Unlocking the full potential of Oxford Nanopore reads with NOVOLoci

Long-read sequencing technologies and accompanying algorithms have substantially advanced genome assembly. However, there are ongoing challenges in assembling complex genomic regions, particularly those associated with genetic disorders. Moreover, assemblies of non-model organisms are often limited by the amount of DNA that can be extracted, so reducing the data modalities that can be obtained. Here, we introduce NOVOLoci, a haplotype-aware assembler capable of high-quality targeted and whole-genome assemblies, despite the relatively high error rates of Oxford Nanopore Technologies (ONT) data. By adopting a novel seed-extension approach with iterative conflict resolution, it achieves accurate haplotype phasing, thus overcoming a critical limitation of current graph-based assemblers.
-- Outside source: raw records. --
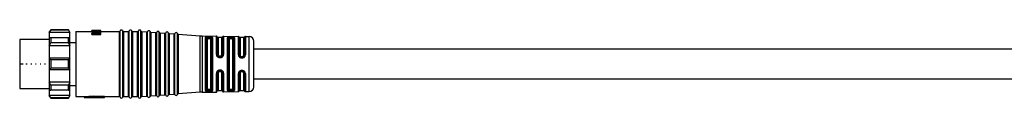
# Model space of a CAD drawing. Header units: millimetres. Extents: x -724 to 2929, y 427 to 799.
# Tile 2 of 48: x -523 to -307, y 439 to 454. Entities that reach past the tile are written whole.
import ezdxf

# ---------------------------------------------------------------- set-up
doc = ezdxf.new("R2010")
doc.units = ezdxf.units.MM

# ---------------------------------------------------------------- blocks, each defined once
blk = doc.blocks.new('Drawing View3')
at = {"color": 7, "linetype": 'Continuous', "lineweight": 25}
for p, q in [((-476.96, 22.01), (-477.26, 21.51)), ((-477.26, 21.4), (-476.96, 21.95)), ((-473.06, 22.01), (-476.96, 22.01)), ((-476.96, 22.01), (-476.96, 21.95)), ((-473.06, 21.95), (-476.96, 21.95)), ((-472.76, 21.51), (-473.06, 22.01)), ((-473.06, 21.95), (-473.06, 22.01)), ((-473.06, 21.95), (-472.76, 21.4)), ((-471.46, 21.66), (-471.46, 7.36)), ((-471.46, 21.66), (-467.96, 21.66)), ((-467.96, 21.85), (-465.96, 21.85)), ((-467.96, 21.85), (-467.96, 21.84)), ((-467.96, 21.78), (-467.96, 21.84)), ((-467.96, 21.78), (-467.96, 21.71)), ((-467.96, 21.78), (-465.96, 21.78)), ((-467.96, 21.51), (-467.96, 21.71)), ((-467.66, 21.85), (-467.66, 21.86)), ((-467.66, 21.78), (-467.66, 21.82)), ((-467.32, 21.82), (-467.66, 21.82)), ((-465.96, 21.84), (-467.61, 21.84)), ((-465.96, 21.73), (-467.53, 21.73)), ((-467.49, 21.85), (-467.49, 21.86)), ((-467.32, 21.78), (-467.32, 21.82)), ((-466.17, 21.86), (-466.21, 21.85)), ((-466.17, 21.85), (-466.17, 21.86)), ((-465.96, 21.86), (-466.17, 21.86)), ((-465.96, 21.85), (-465.96, 21.86)), ((-465.96, 21.84), (-465.96, 21.85)), ((-465.96, 21.78), (-465.96, 21.84)), ((-465.96, 21.73), (-465.96, 21.78)), ((-465.96, 21.6), (-465.96, 21.73)), ((-465.96, 21.66), (-461.91, 21.66)), ((-465.96, 21.5), (-465.96, 21.6)), ((-461.91, 7.36), (-461.91, 21.66)), ((-461.73, 7.24), (-461.73, 21.78)), ((-461.18, 7.24), (-461.18, 21.78)), ((-461, 21.66), (-461, 7.36)), ((-461, 21.66), (-459.91, 21.66)), ((-459.91, 7.36), (-459.91, 21.66)), ((-459.73, 7.24), (-459.73, 21.78)), ((-459.18, 7.24), (-459.18, 21.78)), ((-459, 21.66), (-459, 7.36)), ((-459, 21.66), (-457.91, 21.66)), ((-457.91, 7.36), (-457.91, 21.66)), ((-457.73, 7.24), (-457.73, 21.78)), ((-457.17, 7.26), (-457.17, 21.76)), ((-457, 21.63), (-457, 7.39)), ((-457, 21.63), (-455.91, 21.55)), ((-455.72, 7.36), (-455.72, 21.66)), ((-455.17, 7.4), (-455.17, 21.62)), ((-477.26, 19.91), (-483.76, 19.91)), ((-483.76, 19.91), (-483.76, 14.51)), ((-477.26, 21.51), (-477.26, 21.4)), ((-472.76, 21.4), (-477.26, 21.4)), ((-477.26, 21.4), (-477.26, 20.26)), ((-476.96, 20.25), (-477.26, 20.26)), ((-477.26, 20.26), (-477.26, 18.5)), ((-472.76, 20.26), (-477.26, 20.26)), ((-476.96, 20.25), (-476.96, 19.81)), ((-473.06, 20.25), (-476.96, 20.25)), ((-476.96, 19.81), (-476.96, 19.12)), ((-472.76, 20.26), (-473.06, 20.25)), ((-473.06, 19.81), (-473.06, 20.25)), ((-473.06, 19.12), (-473.06, 19.81)), ((-472.76, 21.4), (-472.76, 21.51)), ((-472.76, 20.26), (-472.76, 21.4)), ((-472.76, 18.5), (-472.76, 20.26)), ((-467.96, 21.34), (-467.96, 21.17)), ((-465.96, 21.17), (-467.96, 21.17)), ((-467.96, 20.95), (-467.96, 21.17)), ((-467.96, 20.95), (-465.96, 20.95)), ((-467.53, 21.28), (-465.96, 21.28)), ((-466, 21.28), (-465.96, 21.29)), ((-465.96, 21.29), (-465.96, 21.5)), ((-465.96, 21.17), (-465.96, 21.28)), ((-465.96, 20.95), (-465.96, 21.17)), ((-455.91, 7.47), (-455.91, 21.55)), ((-455, 21.48), (-455, 7.54)), ((-455, 21.48), (-453.91, 21.41)), ((-453.91, 7.61), (-453.91, 21.41)), ((-453.72, 7.51), (-453.72, 21.51)), ((-453.17, 7.55), (-453.17, 21.47)), ((-453, 21.34), (-453, 7.68)), ((-453, 21.34), (-451.91, 21.26)), ((-451.91, 7.76), (-451.91, 21.26)), ((-451.72, 7.65), (-451.72, 21.37)), ((-451.17, 7.69), (-451.17, 21.33)), ((-451, 21.2), (-451, 7.82)), ((-451, 21.2), (-449.91, 21.12)), ((-449.91, 7.9), (-449.91, 21.12)), ((-449.72, 7.79), (-449.72, 21.23)), ((-449.17, 7.83), (-449.17, 21.19)), ((-449, 21.06), (-449, 7.96)), ((-449, 21.06), (-444.17, 20.71)), ((-444.17, 8.31), (-444.17, 20.71)), ((-443.74, 20.69), (-443.74, 8.33)), ((-443.74, 20.69), (-440.65, 20.64)), ((-443.04, 20.38), (-443.05, 20.33)), ((-443.05, 8.69), (-443.05, 20.33)), ((-442.85, 20.15), (-442.84, 20.19)), ((-442.85, 20.15), (-442.85, 8.86)), ((-442.66, 19.98), (-442.66, 9.04)), ((-442.36, 20.26), (-442.36, 20.33)), ((-442.16, 20.33), (-442.36, 20.33)), ((-442.36, 20.26), (-442.16, 20.26)), ((-442.36, 20.07), (-442.16, 20.07)), ((-442.16, 20.33), (-442.16, 20.26)), ((-441.86, 9.04), (-441.86, 19.98)), ((-441.66, 8.88), (-441.66, 20.14)), ((-441.46, 20.31), (-441.46, 8.71)), ((-440.65, 16.63), (-440.65, 20.64)), ((-440.45, 16.57), (-440.45, 20.48)), ((-439.46, 20.31), (-440.26, 20.31)), ((-440.26, 20.31), (-440.26, 16.51)), ((-439.46, 16.51), (-439.46, 20.31)), ((-439.26, 20.46), (-439.26, 16.57)), ((-439.06, 20.62), (-439.06, 16.62)), ((-439.06, 20.62), (-435.82, 20.56)), ((-438.24, 8.76), (-438.24, 20.26)), ((-438.05, 20.12), (-438.05, 8.9)), ((-437.86, 19.98), (-437.86, 9.04)), ((-437.36, 20.25), (-437.56, 20.26)), ((-437.56, 20.07), (-437.36, 20.07)), ((-437.35, 20.44), (-437.55, 20.44)), ((-437.06, 9.04), (-437.06, 19.98)), ((-436.87, 8.91), (-436.87, 20.1)), ((-436.67, 20.23), (-436.67, 8.79)), ((-435.82, 16.53), (-435.82, 20.56)), ((-435.64, 16.49), (-435.64, 20.44)), ((-434.66, 20.31), (-435.46, 20.31)), ((-435.46, 20.31), (-435.46, 16.44)), ((-434.66, 16.44), (-434.66, 20.31)), ((-434.47, 20.42), (-434.47, 16.48)), ((-434.29, 20.54), (-434.29, 16.52)), ((-434.29, 20.54), (-433.44, 20.53)), ((-433.44, 20.52), (-433.44, 20.53)), ((-433.44, 8.49), (-433.44, 20.52)), ((-432.46, 9.49), (-432.46, 19.53)), ((-477.26, 18.5), (-476.96, 19.12)), ((-472.76, 18.5), (-477.26, 18.5)), ((-477.26, 18.5), (-477.26, 15.76)), ((-473.06, 19.12), (-476.96, 19.12)), ((-473.06, 19.12), (-472.76, 18.5)), ((-472.76, 19.23), (-471.46, 19.23)), ((-472.76, 15.76), (-472.76, 18.5)), ((-219.51, 17.76), (-432.46, 17.76)), ((-477.26, 15.76), (-477.26, 14.51)), ((-476.96, 15.44), (-477.26, 15.76)), ((-472.76, 15.76), (-477.26, 15.76)), ((-476.96, 15.44), (-476.96, 14.51)), ((-473.06, 15.44), (-476.96, 15.44)), ((-472.76, 15.76), (-473.06, 15.44)), ((-473.06, 14.51), (-473.06, 15.44)), ((-472.76, 14.51), (-472.76, 15.76)), ((-440.39, 16.31), (-440.41, 16.37)), ((-440.37, 16.3), (-440.39, 16.31)), ((-439.76, 16.22), (-439.96, 16.22)), ((-439.96, 16.08), (-439.76, 16.08)), ((-439.45, 16.19), (-439.42, 16.21)), ((-439.42, 16.19), (-439.44, 16.2)), ((-439.36, 16.28), (-439.42, 16.19)), ((-435.16, 16.01), (-435.16, 16.15)), ((-435.16, 16.15), (-434.96, 16.15)), ((-435.16, 16.01), (-434.96, 16.01)), ((-435.15, 15.86), (-434.95, 15.86)), ((-434.96, 16.01), (-434.96, 16.15)), ((-483.76, 14.51), (-483.76, 9.11)), ((-482.99, 14.51), (-483.76, 14.51)), ((-482.11, 14.51), (-482.4, 14.51)), ((-481.11, 14.51), (-481.29, 14.51)), ((-480.11, 14.51), (-480.29, 14.51)), ((-479.11, 14.51), (-479.29, 14.51)), ((-478.11, 14.51), (-478.29, 14.51)), ((-477.26, 14.51), (-477.26, 13.26)), ((-477.26, 13.26), (-476.96, 13.58)), ((-472.76, 13.26), (-477.26, 13.26)), ((-477.26, 13.26), (-477.26, 10.52)), ((-476.96, 14.51), (-476.96, 13.58)), ((-473.06, 13.58), (-476.96, 13.58)), ((-473.06, 13.58), (-473.06, 14.51)), ((-473.06, 13.58), (-472.76, 13.26)), ((-472.76, 13.26), (-472.76, 14.51)), ((-472.76, 10.52), (-472.76, 13.26)), ((-439.76, 13.01), (-439.96, 13.01)), ((-434.95, 13.09), (-435.15, 13.09)), ((-440.65, 8.37), (-440.65, 12.46)), ((-440.45, 8.54), (-440.45, 12.52)), ((-440.4, 12.73), (-440.37, 12.8)), ((-440.36, 12.8), (-440.38, 12.8)), ((-440.28, 12.89), (-440.31, 12.85)), ((-440.26, 12.58), (-440.26, 8.71)), ((-439.96, 12.87), (-439.76, 12.87)), ((-439.46, 12.91), (-439.45, 12.92)), ((-439.46, 12.91), (-439.43, 12.89)), ((-439.46, 8.71), (-439.46, 12.58)), ((-439.45, 12.92), (-439.37, 12.83)), ((-439.26, 12.52), (-439.26, 8.56)), ((-439.06, 12.47), (-439.06, 8.4)), ((-435.82, 8.45), (-435.82, 12.42)), ((-435.64, 8.58), (-435.64, 12.46)), ((-435.46, 12.51), (-435.46, 8.71)), ((-434.96, 12.94), (-435.16, 12.94)), ((-435.16, 12.94), (-435.16, 12.8)), ((-434.96, 12.8), (-435.16, 12.8)), ((-434.96, 12.94), (-434.96, 12.8)), ((-434.66, 8.71), (-434.66, 12.51)), ((-434.47, 12.47), (-434.47, 8.6)), ((-434.29, 12.43), (-434.29, 8.48)), ((-432.46, 11.26), (-219.51, 11.26)), ((-483.76, 9.11), (-477.26, 9.11)), ((-472.76, 10.52), (-477.26, 10.52)), ((-476.96, 9.9), (-477.26, 10.52)), ((-477.26, 10.52), (-477.26, 8.76)), ((-477.26, 8.76), (-476.96, 8.77)), ((-472.76, 8.76), (-477.26, 8.76)), ((-477.26, 8.76), (-477.26, 7.62)), ((-473.06, 9.9), (-476.96, 9.9)), ((-476.96, 9.9), (-476.96, 9.21)), ((-476.96, 9.21), (-476.96, 8.77)), ((-473.06, 8.77), (-476.96, 8.77)), ((-472.76, 10.52), (-473.06, 9.9)), ((-473.06, 9.21), (-473.06, 9.9)), ((-473.06, 8.77), (-473.06, 9.21)), ((-473.06, 8.77), (-472.76, 8.76)), ((-472.76, 8.76), (-472.76, 10.52)), ((-472.76, 9.78), (-471.46, 9.78)), ((-472.76, 7.62), (-472.76, 8.76)), ((-443.05, 8.69), (-443.04, 8.64)), ((-442.84, 8.83), (-442.85, 8.86)), ((-442.16, 8.95), (-442.36, 8.95)), ((-442.36, 8.69), (-442.36, 8.76)), ((-442.16, 8.76), (-442.36, 8.76)), ((-442.36, 8.69), (-442.16, 8.69)), ((-442.16, 8.76), (-442.16, 8.69)), ((-440.26, 8.71), (-439.46, 8.71)), ((-437.36, 8.95), (-437.56, 8.95)), ((-437.56, 8.76), (-437.36, 8.77)), ((-435.46, 8.71), (-434.66, 8.71)), ((-472.76, 7.62), (-477.26, 7.62)), ((-476.96, 7.07), (-477.26, 7.62)), ((-477.26, 7.62), (-477.26, 7.51)), ((-477.26, 7.51), (-476.96, 7.01)), ((-473.06, 7.07), (-476.96, 7.07)), ((-476.96, 7.07), (-476.96, 7.01)), ((-476.96, 7.01), (-473.06, 7.01)), ((-472.76, 7.62), (-473.06, 7.07)), ((-473.06, 7.01), (-472.76, 7.51)), ((-473.06, 7.01), (-473.06, 7.07)), ((-472.76, 7.51), (-472.76, 7.62)), ((-471.46, 7.36), (-469.66, 7.36)), ((-469.66, 7.36), (-467.66, 7.52)), ((-469.66, 7.36), (-469.66, 7.16)), ((-469.66, 7.16), (-467.66, 7.31)), ((-469.66, 7.16), (-465.16, 7.16)), ((-467.66, 7.52), (-467.66, 7.31)), ((-465.16, 7.42), (-467.66, 7.42)), ((-467.66, 7.21), (-467.66, 7.31)), ((-467.66, 7.21), (-465.16, 7.21)), ((-465.16, 7.42), (-465.16, 7.21)), ((-465.16, 7.36), (-463.53, 7.36)), ((-465.16, 7.16), (-465.16, 7.21)), ((-463.53, 7.36), (-463.3, 7.36)), ((-463.3, 7.36), (-461.91, 7.36)), ((-461.91, 7.36), (-461.91, 7.36)), ((-461.18, 7.24), (-461.18, 7.24)), ((-461, 7.36), (-461, 7.36)), ((-461, 7.36), (-459.91, 7.36)), ((-459.91, 7.36), (-459.91, 7.36)), ((-459.18, 7.24), (-459.18, 7.24)), ((-459, 7.36), (-459, 7.36)), ((-459, 7.36), (-457.91, 7.36)), ((-457.91, 7.36), (-457.91, 7.36)), ((-457.17, 7.26), (-457.17, 7.26)), ((-457, 7.39), (-455.91, 7.47)), ((-457, 7.39), (-457, 7.39)), ((-455.91, 7.47), (-455.91, 7.47)), ((-455.17, 7.4), (-455.17, 7.4)), ((-455, 7.53), (-453.91, 7.61)), ((-455, 7.54), (-455, 7.53)), ((-453.91, 7.61), (-453.91, 7.61)), ((-453.17, 7.54), (-453.17, 7.55)), ((-453, 7.68), (-451.91, 7.75)), ((-453, 7.68), (-453, 7.68)), ((-451.91, 7.75), (-451.91, 7.76)), ((-451.17, 7.69), (-451.17, 7.69)), ((-451, 7.82), (-449.91, 7.9)), ((-451, 7.82), (-451, 7.82)), ((-449.91, 7.9), (-449.91, 7.9)), ((-449.17, 7.83), (-449.17, 7.83)), ((-444.17, 8.31), (-449, 7.96)), ((-449, 7.96), (-449, 7.96)), ((-444.17, 8.31), (-444.17, 8.31)), ((-443.74, 8.32), (-440.65, 8.37)), ((-443.74, 8.33), (-443.74, 8.32)), ((-439.06, 8.4), (-435.82, 8.45)), ((-439.06, 8.4), (-439.06, 8.4)), ((-437.55, 8.58), (-437.35, 8.58)), ((-434.47, 8.6), (-434.47, 8.59)), ((-434.29, 8.48), (-433.44, 8.49)), ((-434.29, 8.48), (-434.29, 8.48))]:
    blk.add_line(p, q, dxfattribs=at)
at = {"color": 7, "linetype": 'Continuous', "lineweight": 25, "flags": 128}
for points in [[(-442.15, 20.52), (-442.26, 20.52), (-442.35, 20.52)], [(-439.95, 15.93), (-439.84, 15.93), (-439.75, 15.93)], [(-439.75, 13.17), (-439.86, 13.17), (-439.95, 13.17)], [(-442.35, 8.5), (-442.24, 8.5), (-442.15, 8.5)]]:
    blk.add_lwpolyline(points, dxfattribs=at)
at = {"color": 7, "linetype": 'Continuous', "lineweight": 25}
for centre, radius, start, end in [((-461.91, 21.86), 0.2, 270, 336.4218), ((-461.46, 21.66), 0.3, 90, 156.4218), ((-461.46, 21.66), 0.3, 23.5782, 90), ((-461, 21.86), 0.2, 203.5782, 270), ((-459.91, 21.86), 0.2, 270, 336.4218), ((-459.46, 21.66), 0.3, 90, 156.4218), ((-459.46, 21.66), 0.3, 23.5782, 90), ((-459, 21.86), 0.2, 203.5782, 270), ((-457.91, 21.86), 0.2, 270, 336.4218), ((-457.46, 21.66), 0.3, 90, 156.4218), ((-457.46, 21.66), 0.3, 19.5063, 90), ((-456.98, 21.83), 0.2, 199.5063, 265.9282), ((-455.9, 21.75), 0.2, 270, 332.35), ((-455.46, 21.52), 0.3, 90, 152.35), ((-455.46, 21.52), 0.3, 19.5063, 90), ((-454.98, 21.68), 0.2, 199.5063, 265.9282), ((-453.46, 21.37), 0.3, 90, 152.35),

Benchmarking shows that NOVOLoci consistently outperforms the four leading assembly tools across five clinically relevant genomic disorder loci by delivering accurately phased assemblies with superior contiguity and completeness, even compared with hybrid assemblers that combine PacBio and ONT sequencing reads (nearly triple the N90 value compared with Verkko hybrid). We demonstrate its broader utility in assembling the genome of a highly heterozygous non-model animal Oikopleura dioica, whose small size limits the amount of DNA available from an individual. Using data only from a single ONT flow cell, NOVOLoci assembles a phased diploid genome with high contiguity and a 32-fold increase in N50 values compared with existing methods. NOVOLoci's distinct algorithmic strategy demonstrates that substantial advances in genome assembly can still be made. This development brings routine clinical diagnosis of genomic disorders and diploid assembly of non-model organisms with ONT reads a step closer to reality.